Consider the preclinical evidence for a novel intranasal BVDV vaccine in calves, noting it is early and requires further validation.

This is a preclinical study in calves evaluating an intranasal immunization with a cocktail of recombinant BPI3VcmutBVDV viruses compared to a commercial vaccine. The primary focus was the elicitation of strong serum antibodies and virus-neutralizing titers against BVDV-1 and -2 viruses.

The authors report that IgG responses against BVDV-1b CA0401186a were stronger than the commercial vaccine (p=0.0031), as were responses against BVDV-1b TGAC (p=0.0002). Virus-neutralizing titers against several BVDV-2a strains were also significantly higher, including strain 296NC (p=0.0006), strain 890 (p=0.0020), strain 296C (p=0.0464), strain A125 (p=0.0018), and strain 1373 (p=0.0025).

Secondary outcomes upon challenge with BVDV-1b CA0401186a included steady weight gain, less decrease in lymphocyte counts, lower viremia, and fewer gross lesions compared to the commercial vaccine. No effect sizes, absolute numbers, or follow-up durations were reported.

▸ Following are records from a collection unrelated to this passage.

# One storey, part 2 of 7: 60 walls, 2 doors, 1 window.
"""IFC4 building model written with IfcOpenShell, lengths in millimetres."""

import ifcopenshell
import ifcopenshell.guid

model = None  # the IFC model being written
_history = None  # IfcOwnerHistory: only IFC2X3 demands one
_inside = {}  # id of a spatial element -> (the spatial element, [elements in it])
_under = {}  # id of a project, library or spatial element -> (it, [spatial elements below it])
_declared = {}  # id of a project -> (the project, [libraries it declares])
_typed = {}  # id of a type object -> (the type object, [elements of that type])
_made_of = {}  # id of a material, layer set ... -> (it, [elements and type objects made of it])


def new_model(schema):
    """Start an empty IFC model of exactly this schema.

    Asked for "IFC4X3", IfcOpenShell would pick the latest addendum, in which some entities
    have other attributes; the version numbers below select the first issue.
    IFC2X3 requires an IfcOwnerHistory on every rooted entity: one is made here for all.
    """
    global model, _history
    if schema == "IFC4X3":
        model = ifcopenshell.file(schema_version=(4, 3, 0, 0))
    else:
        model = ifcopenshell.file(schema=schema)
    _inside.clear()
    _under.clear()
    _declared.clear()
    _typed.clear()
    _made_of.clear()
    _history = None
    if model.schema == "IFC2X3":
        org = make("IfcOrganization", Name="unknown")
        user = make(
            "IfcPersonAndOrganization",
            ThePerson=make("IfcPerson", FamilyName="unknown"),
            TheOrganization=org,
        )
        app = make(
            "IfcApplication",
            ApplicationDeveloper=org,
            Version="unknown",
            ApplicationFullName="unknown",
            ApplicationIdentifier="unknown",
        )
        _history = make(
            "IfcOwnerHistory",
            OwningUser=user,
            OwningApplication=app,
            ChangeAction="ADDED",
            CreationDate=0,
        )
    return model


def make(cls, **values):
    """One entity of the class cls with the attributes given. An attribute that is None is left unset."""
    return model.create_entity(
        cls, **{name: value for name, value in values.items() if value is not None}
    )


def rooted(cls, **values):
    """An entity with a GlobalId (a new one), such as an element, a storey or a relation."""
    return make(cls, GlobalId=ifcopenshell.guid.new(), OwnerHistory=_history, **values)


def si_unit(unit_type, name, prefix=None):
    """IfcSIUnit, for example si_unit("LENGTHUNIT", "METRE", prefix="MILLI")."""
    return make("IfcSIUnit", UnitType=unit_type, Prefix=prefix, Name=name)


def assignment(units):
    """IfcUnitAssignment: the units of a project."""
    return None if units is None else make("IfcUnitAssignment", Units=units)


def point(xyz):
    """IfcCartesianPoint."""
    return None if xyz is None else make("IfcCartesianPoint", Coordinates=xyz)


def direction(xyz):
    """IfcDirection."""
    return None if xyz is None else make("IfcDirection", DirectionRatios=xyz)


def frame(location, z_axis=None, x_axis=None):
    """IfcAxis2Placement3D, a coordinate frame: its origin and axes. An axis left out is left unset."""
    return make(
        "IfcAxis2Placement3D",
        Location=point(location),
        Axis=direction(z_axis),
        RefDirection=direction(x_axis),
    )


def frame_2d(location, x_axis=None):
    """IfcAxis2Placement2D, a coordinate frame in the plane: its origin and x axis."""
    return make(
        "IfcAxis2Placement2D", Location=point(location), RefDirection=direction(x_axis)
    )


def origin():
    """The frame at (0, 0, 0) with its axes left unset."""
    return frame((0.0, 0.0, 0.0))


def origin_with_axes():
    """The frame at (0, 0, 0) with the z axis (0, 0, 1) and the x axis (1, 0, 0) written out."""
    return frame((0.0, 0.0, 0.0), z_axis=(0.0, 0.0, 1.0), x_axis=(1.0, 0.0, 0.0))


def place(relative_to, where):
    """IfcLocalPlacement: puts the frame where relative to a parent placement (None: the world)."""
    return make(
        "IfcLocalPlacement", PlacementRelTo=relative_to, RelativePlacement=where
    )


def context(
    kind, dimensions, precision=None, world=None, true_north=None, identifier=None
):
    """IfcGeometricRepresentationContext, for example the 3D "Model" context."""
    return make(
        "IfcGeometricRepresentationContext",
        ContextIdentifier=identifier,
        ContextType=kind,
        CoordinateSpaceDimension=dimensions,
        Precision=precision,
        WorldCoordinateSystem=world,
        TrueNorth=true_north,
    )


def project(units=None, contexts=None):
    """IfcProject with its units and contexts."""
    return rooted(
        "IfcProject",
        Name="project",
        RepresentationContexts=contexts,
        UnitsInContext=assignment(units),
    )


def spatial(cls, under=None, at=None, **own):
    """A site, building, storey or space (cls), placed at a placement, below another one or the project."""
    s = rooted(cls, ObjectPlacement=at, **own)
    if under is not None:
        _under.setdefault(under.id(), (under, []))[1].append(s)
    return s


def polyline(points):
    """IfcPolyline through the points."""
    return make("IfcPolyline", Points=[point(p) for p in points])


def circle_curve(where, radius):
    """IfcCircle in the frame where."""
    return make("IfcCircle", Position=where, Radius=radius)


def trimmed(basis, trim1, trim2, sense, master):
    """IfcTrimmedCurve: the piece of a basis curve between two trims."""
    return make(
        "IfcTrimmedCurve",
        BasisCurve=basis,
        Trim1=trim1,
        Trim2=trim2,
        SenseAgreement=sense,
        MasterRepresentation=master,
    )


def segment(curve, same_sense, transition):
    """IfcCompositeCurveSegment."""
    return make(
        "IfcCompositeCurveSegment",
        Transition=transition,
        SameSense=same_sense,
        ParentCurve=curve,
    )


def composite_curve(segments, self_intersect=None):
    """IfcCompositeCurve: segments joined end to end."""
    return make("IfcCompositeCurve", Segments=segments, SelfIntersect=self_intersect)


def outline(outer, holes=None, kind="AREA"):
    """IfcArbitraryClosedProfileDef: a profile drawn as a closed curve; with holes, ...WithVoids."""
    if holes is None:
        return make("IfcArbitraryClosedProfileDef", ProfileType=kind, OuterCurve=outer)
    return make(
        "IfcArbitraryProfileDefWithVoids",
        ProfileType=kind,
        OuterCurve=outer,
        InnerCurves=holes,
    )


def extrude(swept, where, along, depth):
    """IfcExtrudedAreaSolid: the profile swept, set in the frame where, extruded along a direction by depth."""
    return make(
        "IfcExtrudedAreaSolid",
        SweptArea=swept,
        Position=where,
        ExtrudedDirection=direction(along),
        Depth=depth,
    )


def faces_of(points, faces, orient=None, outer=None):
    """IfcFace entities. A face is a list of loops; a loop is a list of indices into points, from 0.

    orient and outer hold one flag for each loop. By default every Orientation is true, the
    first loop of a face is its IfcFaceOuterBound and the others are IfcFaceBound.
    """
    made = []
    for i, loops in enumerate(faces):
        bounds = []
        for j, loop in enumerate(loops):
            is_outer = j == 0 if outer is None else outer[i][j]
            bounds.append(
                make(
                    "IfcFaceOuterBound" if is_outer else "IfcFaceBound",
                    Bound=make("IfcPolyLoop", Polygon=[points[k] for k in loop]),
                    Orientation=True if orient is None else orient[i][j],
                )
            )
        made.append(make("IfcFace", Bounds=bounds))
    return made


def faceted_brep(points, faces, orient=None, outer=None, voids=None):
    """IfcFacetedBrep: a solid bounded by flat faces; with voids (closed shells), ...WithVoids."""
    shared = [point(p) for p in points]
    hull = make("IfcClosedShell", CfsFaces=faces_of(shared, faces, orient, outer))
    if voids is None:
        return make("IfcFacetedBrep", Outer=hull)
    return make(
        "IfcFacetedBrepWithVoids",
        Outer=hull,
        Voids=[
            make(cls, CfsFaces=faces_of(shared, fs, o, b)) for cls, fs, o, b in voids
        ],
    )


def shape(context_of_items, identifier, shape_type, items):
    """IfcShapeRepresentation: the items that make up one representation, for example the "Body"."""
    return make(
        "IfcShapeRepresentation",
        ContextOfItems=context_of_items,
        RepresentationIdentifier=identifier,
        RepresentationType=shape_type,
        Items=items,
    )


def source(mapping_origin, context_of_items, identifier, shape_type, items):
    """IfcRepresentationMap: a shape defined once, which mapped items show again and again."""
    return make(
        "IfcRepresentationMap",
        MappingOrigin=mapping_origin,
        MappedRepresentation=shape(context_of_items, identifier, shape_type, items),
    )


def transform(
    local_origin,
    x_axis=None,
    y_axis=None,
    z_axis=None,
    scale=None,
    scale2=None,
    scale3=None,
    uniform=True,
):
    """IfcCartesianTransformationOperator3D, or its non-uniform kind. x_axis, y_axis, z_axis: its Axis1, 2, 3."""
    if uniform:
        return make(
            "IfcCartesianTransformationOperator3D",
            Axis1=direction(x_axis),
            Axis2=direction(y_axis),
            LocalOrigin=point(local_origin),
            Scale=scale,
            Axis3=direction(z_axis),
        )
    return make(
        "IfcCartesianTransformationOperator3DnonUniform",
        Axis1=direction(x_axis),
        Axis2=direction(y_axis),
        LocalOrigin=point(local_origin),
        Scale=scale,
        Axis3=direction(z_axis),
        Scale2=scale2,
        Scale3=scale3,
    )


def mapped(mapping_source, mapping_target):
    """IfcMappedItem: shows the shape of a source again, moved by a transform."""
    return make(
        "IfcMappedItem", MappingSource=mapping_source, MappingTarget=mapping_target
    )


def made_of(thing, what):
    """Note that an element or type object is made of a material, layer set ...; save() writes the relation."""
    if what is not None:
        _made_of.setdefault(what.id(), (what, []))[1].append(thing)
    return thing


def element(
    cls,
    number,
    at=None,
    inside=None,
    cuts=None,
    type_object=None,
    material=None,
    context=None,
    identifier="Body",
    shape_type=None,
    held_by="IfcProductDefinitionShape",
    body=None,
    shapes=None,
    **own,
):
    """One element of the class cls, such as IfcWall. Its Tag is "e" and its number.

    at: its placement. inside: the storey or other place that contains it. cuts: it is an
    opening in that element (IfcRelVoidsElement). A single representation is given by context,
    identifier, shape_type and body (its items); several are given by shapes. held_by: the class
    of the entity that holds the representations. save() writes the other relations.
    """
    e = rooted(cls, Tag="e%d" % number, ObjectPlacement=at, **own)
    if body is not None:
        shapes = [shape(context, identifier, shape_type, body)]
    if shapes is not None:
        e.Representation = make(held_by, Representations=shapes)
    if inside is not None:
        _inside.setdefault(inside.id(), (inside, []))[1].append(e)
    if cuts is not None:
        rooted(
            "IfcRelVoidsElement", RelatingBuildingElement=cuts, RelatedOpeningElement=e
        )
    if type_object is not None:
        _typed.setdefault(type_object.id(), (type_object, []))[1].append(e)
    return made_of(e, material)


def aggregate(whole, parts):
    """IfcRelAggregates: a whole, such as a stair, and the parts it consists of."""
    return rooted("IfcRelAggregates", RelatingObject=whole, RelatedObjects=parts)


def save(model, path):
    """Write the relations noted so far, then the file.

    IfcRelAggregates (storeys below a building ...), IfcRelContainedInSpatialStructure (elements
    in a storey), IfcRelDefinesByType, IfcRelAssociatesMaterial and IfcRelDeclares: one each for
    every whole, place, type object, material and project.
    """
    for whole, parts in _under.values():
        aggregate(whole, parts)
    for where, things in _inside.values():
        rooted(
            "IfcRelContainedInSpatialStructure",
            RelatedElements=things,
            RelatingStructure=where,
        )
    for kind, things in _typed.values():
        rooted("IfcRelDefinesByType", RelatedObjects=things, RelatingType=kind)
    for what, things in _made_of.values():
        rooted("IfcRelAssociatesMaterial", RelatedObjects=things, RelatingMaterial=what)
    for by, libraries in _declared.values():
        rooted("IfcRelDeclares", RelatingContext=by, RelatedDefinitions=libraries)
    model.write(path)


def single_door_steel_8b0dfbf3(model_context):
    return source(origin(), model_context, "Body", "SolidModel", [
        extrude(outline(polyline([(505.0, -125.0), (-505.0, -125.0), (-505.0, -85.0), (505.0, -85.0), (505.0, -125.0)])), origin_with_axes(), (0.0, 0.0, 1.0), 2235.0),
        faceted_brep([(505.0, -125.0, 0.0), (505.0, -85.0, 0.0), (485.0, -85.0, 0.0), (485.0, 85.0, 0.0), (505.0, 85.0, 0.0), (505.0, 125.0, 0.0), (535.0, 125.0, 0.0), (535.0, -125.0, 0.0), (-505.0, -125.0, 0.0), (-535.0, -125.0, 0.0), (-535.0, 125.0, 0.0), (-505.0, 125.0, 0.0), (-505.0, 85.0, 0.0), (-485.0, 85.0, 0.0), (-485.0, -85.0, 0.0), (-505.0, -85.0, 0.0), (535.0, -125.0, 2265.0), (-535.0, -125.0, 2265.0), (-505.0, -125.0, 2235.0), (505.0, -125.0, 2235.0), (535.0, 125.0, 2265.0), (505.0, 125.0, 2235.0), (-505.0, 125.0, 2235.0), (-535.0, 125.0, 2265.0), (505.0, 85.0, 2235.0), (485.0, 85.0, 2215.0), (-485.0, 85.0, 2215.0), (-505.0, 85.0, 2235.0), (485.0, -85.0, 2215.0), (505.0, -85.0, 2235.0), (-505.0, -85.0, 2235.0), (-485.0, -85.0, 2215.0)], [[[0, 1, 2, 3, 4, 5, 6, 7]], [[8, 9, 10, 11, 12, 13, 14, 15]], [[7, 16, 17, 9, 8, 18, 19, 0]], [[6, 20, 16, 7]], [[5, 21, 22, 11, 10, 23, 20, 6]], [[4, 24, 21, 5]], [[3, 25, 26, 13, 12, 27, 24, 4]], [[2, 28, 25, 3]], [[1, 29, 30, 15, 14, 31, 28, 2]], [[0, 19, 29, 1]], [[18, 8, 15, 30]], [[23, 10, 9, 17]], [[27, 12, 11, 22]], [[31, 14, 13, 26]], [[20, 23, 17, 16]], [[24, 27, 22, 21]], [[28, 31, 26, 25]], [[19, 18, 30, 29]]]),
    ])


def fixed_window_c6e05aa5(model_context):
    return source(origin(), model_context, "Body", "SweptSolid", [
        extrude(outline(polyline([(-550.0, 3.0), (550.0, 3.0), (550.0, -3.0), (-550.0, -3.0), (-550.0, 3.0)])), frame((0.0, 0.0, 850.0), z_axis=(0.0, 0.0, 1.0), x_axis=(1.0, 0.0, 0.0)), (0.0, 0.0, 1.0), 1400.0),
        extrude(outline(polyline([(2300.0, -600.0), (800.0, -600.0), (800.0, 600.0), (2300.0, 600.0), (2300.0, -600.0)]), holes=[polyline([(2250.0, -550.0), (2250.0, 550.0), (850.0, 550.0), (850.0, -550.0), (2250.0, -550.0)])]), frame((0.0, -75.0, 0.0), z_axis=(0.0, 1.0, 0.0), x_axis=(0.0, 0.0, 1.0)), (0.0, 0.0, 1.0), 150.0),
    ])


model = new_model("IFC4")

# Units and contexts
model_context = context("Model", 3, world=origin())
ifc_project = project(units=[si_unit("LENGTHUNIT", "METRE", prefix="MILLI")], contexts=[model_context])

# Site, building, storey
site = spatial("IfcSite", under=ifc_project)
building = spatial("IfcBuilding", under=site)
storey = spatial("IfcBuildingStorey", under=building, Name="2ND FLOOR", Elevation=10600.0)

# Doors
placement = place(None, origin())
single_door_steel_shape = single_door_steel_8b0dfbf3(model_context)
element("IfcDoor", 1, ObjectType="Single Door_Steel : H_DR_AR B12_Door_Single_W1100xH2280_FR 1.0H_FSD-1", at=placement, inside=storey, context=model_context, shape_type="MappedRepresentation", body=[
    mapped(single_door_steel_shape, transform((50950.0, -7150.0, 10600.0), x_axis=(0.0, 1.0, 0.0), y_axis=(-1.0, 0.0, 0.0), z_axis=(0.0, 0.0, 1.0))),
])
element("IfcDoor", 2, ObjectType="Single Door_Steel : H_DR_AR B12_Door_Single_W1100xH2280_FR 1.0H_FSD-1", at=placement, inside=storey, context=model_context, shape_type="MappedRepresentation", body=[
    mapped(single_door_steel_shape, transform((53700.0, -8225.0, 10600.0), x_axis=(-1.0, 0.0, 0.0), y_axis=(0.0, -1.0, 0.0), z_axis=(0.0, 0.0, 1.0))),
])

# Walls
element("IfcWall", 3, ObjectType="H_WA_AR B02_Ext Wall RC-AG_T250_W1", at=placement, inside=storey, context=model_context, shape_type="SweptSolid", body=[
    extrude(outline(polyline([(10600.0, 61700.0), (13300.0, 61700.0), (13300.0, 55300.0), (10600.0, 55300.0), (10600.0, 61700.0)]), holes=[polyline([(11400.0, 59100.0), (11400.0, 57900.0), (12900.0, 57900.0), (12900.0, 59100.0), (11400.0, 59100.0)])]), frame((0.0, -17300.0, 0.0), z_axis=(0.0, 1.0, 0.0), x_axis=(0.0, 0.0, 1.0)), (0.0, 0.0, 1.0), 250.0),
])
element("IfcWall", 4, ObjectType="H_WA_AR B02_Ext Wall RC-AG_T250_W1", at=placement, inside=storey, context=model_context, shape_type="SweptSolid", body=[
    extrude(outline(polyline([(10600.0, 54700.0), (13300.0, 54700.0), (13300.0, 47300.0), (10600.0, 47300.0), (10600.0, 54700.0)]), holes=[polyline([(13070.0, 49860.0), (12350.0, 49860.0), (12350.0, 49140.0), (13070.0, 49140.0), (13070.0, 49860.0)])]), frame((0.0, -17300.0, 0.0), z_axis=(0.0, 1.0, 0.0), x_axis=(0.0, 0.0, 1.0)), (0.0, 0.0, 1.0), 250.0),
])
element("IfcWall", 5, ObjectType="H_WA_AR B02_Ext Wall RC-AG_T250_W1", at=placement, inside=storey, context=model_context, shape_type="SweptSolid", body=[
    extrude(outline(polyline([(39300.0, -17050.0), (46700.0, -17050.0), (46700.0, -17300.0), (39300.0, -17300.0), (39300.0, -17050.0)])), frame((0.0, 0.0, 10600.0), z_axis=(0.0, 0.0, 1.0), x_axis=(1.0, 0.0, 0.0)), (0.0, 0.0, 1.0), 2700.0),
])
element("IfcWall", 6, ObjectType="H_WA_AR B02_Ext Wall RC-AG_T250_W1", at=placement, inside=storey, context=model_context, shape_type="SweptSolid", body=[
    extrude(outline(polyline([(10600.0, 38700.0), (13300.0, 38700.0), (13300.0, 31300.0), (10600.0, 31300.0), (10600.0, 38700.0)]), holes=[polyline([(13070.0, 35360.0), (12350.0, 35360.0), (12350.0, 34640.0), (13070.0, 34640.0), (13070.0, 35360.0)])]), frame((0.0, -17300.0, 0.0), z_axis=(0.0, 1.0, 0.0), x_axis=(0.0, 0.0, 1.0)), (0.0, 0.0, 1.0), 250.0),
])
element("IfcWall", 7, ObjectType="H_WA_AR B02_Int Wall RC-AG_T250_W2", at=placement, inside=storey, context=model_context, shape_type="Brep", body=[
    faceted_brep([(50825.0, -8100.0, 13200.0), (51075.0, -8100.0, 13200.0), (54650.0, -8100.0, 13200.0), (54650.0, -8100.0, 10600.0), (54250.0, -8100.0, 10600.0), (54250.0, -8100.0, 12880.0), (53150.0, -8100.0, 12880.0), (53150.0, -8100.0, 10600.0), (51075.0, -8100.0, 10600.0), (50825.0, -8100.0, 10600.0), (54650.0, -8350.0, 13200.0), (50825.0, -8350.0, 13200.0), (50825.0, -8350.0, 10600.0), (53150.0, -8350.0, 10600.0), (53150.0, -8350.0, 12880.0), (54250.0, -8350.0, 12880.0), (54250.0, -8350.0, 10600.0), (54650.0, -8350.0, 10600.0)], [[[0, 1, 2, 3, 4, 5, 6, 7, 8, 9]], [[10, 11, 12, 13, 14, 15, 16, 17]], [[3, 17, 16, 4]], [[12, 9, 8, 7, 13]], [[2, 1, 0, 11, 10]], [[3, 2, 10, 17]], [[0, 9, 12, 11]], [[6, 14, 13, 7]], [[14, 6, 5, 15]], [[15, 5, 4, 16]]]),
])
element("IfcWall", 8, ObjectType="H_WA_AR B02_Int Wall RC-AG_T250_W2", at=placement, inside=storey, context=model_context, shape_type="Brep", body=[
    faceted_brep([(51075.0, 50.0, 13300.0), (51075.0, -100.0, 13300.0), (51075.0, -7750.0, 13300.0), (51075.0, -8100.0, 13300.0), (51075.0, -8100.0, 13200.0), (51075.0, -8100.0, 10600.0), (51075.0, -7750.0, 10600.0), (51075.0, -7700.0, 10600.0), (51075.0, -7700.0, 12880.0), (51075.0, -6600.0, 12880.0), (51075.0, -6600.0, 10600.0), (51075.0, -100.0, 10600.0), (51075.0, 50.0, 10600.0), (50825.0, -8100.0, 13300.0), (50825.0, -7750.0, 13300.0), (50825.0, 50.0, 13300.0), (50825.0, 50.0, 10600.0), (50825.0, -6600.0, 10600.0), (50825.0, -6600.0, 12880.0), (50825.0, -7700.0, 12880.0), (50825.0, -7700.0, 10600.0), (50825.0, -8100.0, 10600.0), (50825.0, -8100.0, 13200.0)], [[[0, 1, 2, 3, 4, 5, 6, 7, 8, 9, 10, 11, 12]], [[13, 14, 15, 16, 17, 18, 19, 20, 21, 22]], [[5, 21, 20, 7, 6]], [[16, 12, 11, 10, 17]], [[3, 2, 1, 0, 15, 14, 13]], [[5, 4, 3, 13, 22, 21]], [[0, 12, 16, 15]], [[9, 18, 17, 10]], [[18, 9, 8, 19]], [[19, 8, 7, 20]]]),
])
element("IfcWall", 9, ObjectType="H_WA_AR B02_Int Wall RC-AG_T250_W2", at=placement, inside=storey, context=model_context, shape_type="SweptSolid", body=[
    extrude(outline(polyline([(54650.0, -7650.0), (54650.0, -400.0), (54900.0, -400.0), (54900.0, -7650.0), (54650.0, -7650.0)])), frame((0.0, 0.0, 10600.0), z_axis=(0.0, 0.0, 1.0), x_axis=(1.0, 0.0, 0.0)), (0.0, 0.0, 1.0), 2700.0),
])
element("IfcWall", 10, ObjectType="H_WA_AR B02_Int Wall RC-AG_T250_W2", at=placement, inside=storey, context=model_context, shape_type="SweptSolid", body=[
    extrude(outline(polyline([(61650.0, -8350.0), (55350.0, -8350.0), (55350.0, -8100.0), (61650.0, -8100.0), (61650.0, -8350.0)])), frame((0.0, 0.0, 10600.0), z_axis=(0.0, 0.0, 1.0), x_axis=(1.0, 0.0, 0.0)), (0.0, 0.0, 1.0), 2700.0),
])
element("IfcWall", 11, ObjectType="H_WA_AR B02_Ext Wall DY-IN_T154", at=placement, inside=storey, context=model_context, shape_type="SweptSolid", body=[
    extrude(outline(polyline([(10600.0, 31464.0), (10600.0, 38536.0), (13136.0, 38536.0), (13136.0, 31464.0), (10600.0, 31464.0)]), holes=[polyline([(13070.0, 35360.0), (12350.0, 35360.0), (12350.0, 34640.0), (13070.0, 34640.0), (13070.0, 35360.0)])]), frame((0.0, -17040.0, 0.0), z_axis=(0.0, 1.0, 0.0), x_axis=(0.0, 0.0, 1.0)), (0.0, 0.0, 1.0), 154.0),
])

The authors note that this work supports the use of the live-attenuated BPI3Vc-vector for developing contemporary broadly protective BVDV vaccines. Limitations of the preclinical design, such as the lack of reported sample size, setting, or safety data, were not detailed in the source. Practice relevance is restrained to vaccine development support.

Study Details

Study typeGuideline

EvidenceLevel 5

PublishedMay 2026

View Original Abstract ↓

Bovine Viral Diarrhea Virus (BVDV) is a key contributor to the development of Bovine Respiratory Disease complex, which can cause respiratory disease, congenital defects, severe diarrhea, immunosuppression, abortion, or birth of persistently infected calves. Current commercial vaccines are formulated using strains from BVDV-1a and BVDV-2a, conferring protection against some, but not all, homologous species and low neutralization titers against heterologous and emergent species. This study aimed to develop a live vaccine capable of inducing broad protection against diverse BVDV strains. A contemporary live-attenuated BPI3Vc-vectored BVDV prototype vaccine was developed. Novel chimeric BVDV E2-NS2-51–2 antigens, designed based on the consensus of all BVDV-1a, -1b, -2a, -2b, and -2c protein sequences, were used to generate recombinant BPI3VcmutantE2-NS2-51–2 viruses. The recombinant viruses expressed all the ~5kb encoded transgenes, replicated efficiently, remained genetically stable over nine passages in vitro, and displayed the E2 ectodomain on the surface of infected cells. Intranasal immunization of calves with a cocktail of these recombinant viruses, designated rBPI3VcmutBVDV, elicited strong serum antibodies against BVDV-1 and -2 viruses compared to a commercial vaccine. Notably, vaccination elicited stronger IgG responses against BVDV-1b CA0401186a and TGAC, with significantly higher virus-neutralizing titers than the commercial vaccine (CA0401186a: p=0.0031; TGAC: p=0.0002). Immunized calves also elicited significantly higher VN titers against BVDV-2a strains 296NC (p=0.0006), 890 (p=0.0020), 296C (p=0.0464), A125 (p=0.0018), and 1373 (p=0.0025). Upon challenge with BVDV-1b CA0401186a, the rBPI3VcmutBVDV vaccinees exhibited a steady weight gain, less decrease in lymphocyte counts, lower viremia, and fewer gross lesions. This data supports use of the live-attenuated BPI3Vc-vector for development of contemporary broadly protective BVDV vaccines that can easily be upgraded for improved disease management and cattle productivity.